- _PROBLEM TO WORK ON_
For the entries that follow, state how many lines include the word "signal", giving the number and nothing else.

══ MATERIAL TO PROCESS

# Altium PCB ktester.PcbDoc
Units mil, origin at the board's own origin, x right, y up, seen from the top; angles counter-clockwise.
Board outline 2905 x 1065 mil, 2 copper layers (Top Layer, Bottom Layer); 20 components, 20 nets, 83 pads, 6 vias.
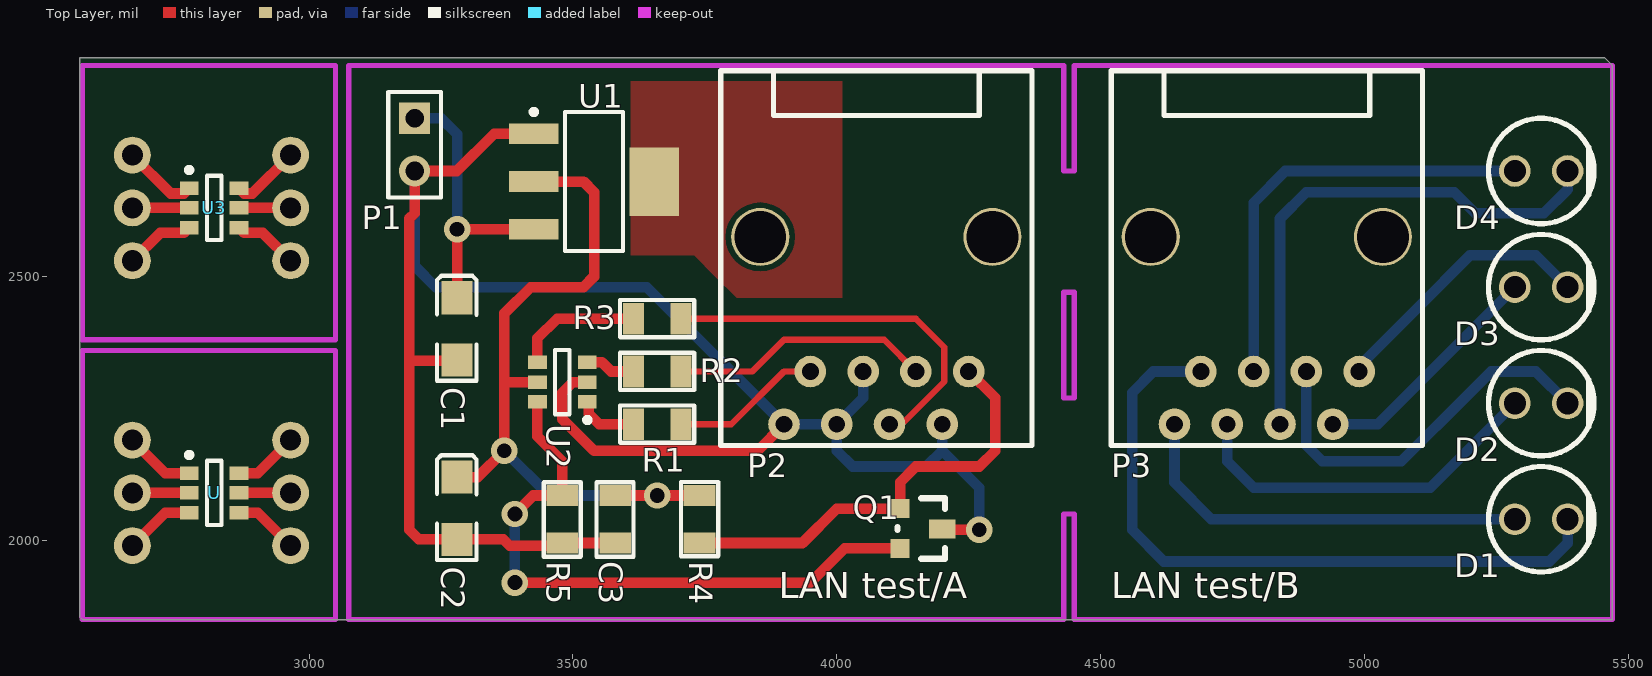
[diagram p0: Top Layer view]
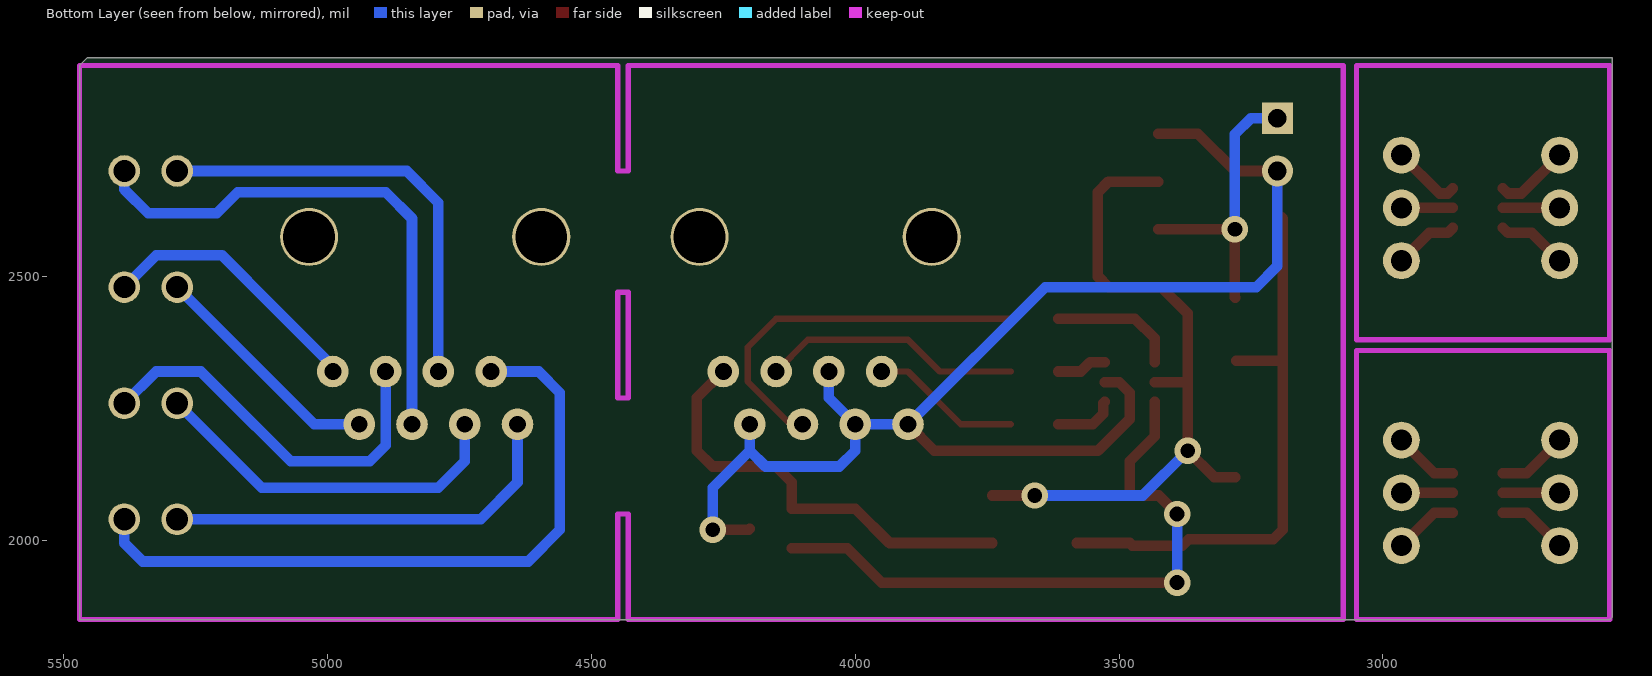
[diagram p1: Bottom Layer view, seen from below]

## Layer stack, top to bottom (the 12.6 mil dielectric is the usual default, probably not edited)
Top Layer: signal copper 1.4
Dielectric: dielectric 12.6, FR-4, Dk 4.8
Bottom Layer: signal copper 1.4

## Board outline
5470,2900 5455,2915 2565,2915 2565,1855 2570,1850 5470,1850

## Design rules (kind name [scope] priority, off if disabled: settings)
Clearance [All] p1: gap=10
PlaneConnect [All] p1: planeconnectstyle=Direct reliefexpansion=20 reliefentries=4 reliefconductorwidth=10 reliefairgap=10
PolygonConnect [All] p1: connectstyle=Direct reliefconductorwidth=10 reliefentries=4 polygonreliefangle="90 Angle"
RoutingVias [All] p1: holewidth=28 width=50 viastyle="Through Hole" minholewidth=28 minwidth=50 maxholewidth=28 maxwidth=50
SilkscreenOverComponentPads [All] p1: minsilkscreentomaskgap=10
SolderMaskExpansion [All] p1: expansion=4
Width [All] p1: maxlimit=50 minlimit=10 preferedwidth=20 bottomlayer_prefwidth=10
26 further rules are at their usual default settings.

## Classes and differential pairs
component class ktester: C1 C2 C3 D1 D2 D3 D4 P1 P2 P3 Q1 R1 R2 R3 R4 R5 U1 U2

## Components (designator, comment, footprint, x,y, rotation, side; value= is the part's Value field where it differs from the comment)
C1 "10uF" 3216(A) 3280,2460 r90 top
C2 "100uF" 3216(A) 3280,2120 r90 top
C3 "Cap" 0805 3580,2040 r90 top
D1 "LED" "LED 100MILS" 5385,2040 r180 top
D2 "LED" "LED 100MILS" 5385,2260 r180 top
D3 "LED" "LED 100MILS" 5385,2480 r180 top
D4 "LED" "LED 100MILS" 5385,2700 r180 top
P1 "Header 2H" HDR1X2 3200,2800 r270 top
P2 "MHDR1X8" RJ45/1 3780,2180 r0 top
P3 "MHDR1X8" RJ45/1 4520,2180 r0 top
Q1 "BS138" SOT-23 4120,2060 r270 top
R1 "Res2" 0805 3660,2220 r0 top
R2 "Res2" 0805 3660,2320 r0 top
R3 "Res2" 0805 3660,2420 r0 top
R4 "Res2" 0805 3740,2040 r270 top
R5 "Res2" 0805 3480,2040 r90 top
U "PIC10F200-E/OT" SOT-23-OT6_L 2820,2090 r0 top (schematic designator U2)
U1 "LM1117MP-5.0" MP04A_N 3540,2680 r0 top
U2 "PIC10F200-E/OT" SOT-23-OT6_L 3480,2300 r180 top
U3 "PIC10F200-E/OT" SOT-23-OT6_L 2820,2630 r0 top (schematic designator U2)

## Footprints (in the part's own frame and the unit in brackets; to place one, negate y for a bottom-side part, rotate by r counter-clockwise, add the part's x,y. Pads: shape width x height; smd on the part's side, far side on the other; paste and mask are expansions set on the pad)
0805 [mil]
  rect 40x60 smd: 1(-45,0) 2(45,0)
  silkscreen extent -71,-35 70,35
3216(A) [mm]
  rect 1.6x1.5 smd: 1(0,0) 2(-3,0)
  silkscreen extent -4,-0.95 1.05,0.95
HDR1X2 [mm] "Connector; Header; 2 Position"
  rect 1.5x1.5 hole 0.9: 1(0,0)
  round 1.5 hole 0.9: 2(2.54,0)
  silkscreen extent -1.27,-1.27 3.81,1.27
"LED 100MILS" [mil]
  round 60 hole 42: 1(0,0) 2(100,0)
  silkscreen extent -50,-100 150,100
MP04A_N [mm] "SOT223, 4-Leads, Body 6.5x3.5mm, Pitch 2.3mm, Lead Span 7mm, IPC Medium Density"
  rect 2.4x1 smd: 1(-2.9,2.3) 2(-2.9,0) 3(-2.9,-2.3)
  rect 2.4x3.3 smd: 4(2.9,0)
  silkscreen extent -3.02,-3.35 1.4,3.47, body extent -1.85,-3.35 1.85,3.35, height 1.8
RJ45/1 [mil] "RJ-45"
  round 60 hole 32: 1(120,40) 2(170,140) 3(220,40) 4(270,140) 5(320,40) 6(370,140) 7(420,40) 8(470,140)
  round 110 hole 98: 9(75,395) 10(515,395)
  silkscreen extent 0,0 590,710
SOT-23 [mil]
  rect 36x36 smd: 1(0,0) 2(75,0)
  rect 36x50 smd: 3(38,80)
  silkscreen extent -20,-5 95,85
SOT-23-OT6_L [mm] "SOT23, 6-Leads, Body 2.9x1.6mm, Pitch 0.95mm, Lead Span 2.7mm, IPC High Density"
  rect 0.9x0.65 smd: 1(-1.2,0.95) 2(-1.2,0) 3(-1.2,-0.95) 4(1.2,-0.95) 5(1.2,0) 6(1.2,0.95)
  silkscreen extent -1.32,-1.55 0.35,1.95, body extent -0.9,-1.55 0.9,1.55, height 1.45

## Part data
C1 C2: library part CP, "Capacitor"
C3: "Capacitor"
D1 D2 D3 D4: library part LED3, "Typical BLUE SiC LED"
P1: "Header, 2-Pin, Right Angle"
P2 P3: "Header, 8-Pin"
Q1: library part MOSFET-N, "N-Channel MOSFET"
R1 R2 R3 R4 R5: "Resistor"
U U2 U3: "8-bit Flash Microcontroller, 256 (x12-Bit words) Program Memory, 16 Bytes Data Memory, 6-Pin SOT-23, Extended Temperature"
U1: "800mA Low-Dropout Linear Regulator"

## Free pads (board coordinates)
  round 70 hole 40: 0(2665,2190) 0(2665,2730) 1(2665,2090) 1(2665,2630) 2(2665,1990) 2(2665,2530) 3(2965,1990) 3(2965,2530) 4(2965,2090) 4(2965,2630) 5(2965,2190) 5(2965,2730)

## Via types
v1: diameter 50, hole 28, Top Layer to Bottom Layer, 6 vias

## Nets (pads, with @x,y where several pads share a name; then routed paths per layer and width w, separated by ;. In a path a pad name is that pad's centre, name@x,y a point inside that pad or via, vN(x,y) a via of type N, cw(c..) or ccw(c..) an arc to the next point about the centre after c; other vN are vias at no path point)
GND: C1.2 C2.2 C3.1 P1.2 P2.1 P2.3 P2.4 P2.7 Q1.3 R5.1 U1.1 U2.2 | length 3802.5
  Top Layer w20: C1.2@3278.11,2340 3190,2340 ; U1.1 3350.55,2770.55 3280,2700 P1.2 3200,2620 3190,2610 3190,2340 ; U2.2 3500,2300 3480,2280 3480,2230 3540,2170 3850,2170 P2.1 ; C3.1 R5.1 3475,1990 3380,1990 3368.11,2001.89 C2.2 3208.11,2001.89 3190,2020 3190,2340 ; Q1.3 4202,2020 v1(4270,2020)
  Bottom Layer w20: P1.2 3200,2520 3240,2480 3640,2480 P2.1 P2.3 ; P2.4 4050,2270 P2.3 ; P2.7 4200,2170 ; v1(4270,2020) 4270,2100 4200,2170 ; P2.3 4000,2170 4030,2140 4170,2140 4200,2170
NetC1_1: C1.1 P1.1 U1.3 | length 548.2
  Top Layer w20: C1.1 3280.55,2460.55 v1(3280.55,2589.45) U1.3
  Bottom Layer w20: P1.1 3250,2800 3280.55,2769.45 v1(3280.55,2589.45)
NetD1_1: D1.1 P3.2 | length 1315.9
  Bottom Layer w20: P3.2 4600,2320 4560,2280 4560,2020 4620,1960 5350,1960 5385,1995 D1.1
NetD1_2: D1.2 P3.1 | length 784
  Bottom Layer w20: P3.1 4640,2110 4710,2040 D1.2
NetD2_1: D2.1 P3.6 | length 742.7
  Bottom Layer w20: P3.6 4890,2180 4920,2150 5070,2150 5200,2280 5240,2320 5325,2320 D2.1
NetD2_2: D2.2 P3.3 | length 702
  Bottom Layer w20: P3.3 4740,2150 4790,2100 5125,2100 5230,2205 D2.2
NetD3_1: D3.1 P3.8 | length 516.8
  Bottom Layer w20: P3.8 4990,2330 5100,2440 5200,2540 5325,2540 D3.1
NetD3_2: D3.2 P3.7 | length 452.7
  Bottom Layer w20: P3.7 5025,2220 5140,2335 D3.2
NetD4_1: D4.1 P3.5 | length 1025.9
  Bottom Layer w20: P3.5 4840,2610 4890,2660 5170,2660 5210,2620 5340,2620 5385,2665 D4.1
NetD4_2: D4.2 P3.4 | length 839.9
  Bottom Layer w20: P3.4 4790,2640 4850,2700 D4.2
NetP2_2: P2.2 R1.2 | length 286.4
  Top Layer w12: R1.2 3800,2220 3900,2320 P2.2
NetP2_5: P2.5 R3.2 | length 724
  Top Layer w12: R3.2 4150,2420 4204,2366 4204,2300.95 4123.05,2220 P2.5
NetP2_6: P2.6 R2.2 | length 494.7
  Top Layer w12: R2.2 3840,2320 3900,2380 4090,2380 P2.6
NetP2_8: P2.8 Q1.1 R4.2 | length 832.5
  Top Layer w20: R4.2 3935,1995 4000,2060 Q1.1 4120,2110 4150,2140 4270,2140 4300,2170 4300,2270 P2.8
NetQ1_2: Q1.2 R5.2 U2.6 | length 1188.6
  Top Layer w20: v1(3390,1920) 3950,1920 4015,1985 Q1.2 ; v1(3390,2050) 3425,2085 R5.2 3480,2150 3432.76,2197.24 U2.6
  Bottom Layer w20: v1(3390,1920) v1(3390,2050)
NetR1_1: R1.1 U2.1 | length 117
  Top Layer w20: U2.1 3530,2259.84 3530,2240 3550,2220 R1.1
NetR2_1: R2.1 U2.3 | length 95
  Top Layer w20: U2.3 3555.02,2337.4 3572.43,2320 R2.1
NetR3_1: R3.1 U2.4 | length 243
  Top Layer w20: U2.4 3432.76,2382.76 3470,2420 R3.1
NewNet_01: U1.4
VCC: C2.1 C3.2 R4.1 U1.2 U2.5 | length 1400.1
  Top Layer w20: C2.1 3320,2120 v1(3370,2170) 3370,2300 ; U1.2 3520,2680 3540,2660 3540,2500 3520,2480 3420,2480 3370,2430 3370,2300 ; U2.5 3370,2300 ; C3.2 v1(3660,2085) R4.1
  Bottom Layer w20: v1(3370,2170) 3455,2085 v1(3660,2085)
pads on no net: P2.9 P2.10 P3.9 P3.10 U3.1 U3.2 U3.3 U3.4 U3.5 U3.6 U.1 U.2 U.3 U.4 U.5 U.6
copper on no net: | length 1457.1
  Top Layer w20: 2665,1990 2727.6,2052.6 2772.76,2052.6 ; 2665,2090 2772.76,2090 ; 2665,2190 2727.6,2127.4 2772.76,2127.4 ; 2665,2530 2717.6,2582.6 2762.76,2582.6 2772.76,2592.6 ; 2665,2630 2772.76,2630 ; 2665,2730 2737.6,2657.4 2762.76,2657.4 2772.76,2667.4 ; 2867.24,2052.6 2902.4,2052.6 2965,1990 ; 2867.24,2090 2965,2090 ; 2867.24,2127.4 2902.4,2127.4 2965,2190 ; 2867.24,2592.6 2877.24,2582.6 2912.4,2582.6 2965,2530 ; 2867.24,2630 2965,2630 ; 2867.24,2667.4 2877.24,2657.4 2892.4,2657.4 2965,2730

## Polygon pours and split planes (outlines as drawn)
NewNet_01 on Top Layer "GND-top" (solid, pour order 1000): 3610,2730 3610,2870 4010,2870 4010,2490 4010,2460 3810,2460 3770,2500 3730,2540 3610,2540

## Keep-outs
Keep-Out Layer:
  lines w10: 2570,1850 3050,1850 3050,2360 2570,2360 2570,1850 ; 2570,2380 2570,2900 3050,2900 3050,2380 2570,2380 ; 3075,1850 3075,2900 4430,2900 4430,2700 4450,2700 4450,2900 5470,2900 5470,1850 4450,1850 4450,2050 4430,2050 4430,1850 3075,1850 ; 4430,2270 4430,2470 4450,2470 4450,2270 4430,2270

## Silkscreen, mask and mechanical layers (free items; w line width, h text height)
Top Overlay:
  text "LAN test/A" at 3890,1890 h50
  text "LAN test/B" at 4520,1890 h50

════

- _PROBLEM SOLUTION_
2